Record extracts |

Content starts

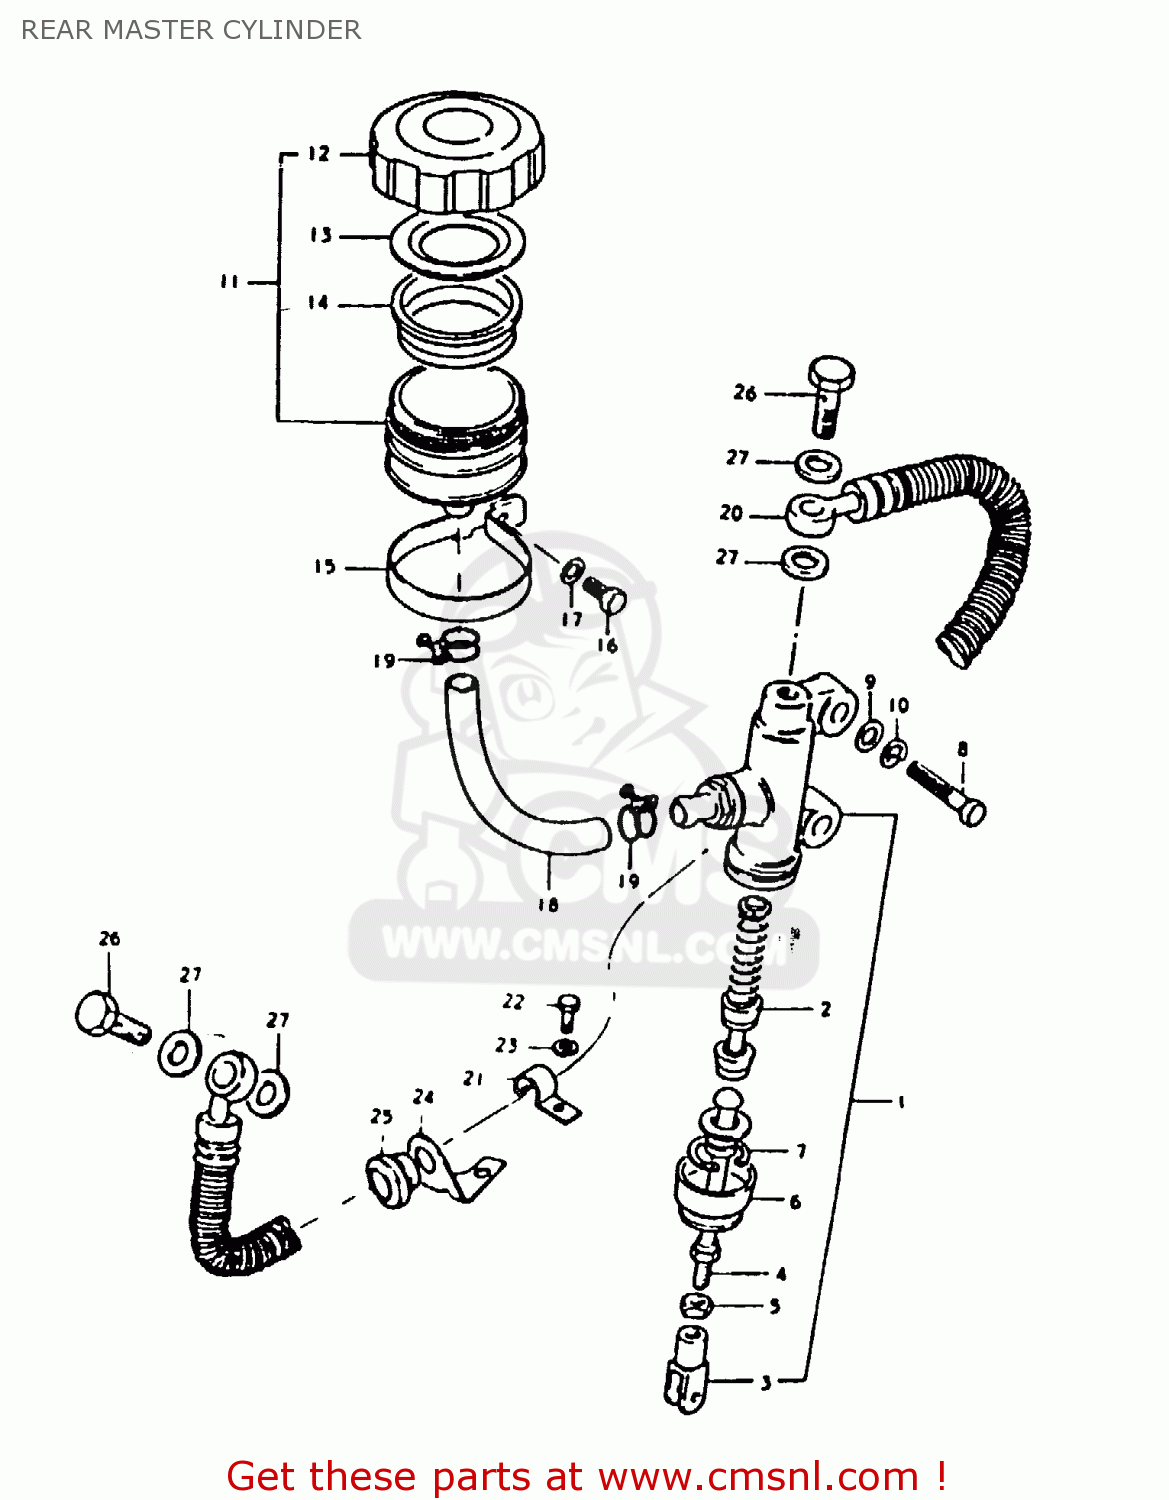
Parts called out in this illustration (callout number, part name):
1	CYLINDER ASSEMBLY,REAR MASTER
2	PISTON/CUP SET
3	YOKE
4	ROD,PUSH
5	NUT
6	BOOT
7	CIRCLIP
8	BOLT (8X30)
9	WASHER
10	LOCK WASHER
11	TANK ASSEMBLY,RESERVOIR
12	CAP
13	PLATE,DIAPHRAGM
14	DIAPHRAGM
15	CLAMP
16	BOLT, UPPER
17	LOCK WASHER
18	HOSE,RESERVOIR TANK
19	CLAMP
20	HOSE,REAR BRAKE
21	CLAMP,REAR BRAKE HOSE
22	SCREW(6X8)
23	LOCK WASHER
24	GUIDE,BRAKE HOSE
25	GROMMET,BRAKE HOSE GUIDE
26	BOLT UNION
27	WASHER
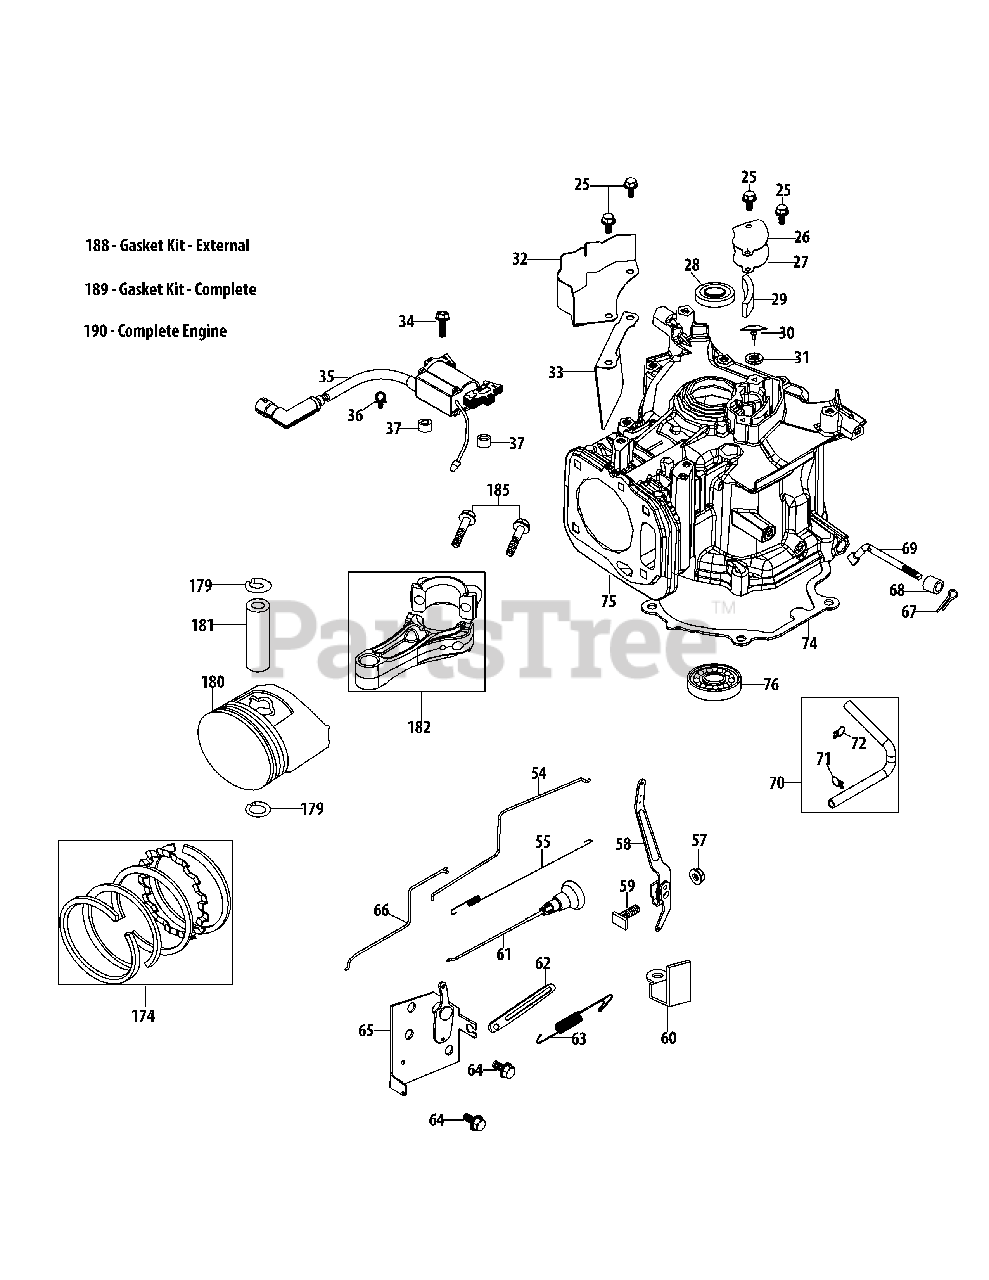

Content ends

Exercise description |
Output a verbatim copy of the entries and skip the pictures.

Response to the exercise |
Parts called out in this illustration (callout number, part name):
1	CYLINDER ASSEMBLY,REAR MASTER
2	PISTON/CUP SET
3	YOKE
4	ROD,PUSH
5	NUT
6	BOOT
7	CIRCLIP
8	BOLT (8X30)
9	WASHER
10	LOCK WASHER
11	TANK ASSEMBLY,RESERVOIR
12	CAP
13	PLATE,DIAPHRAGM
14	DIAPHRAGM
15	CLAMP
16	BOLT, UPPER
17	LOCK WASHER
18	HOSE,RESERVOIR TANK
19	CLAMP
20	HOSE,REAR BRAKE
21	CLAMP,REAR BRAKE HOSE
22	SCREW(6X8)
23	LOCK WASHER
24	GUIDE,BRAKE HOSE
25	GROMMET,BRAKE HOSE GUIDE
26	BOLT UNION
27	WASHER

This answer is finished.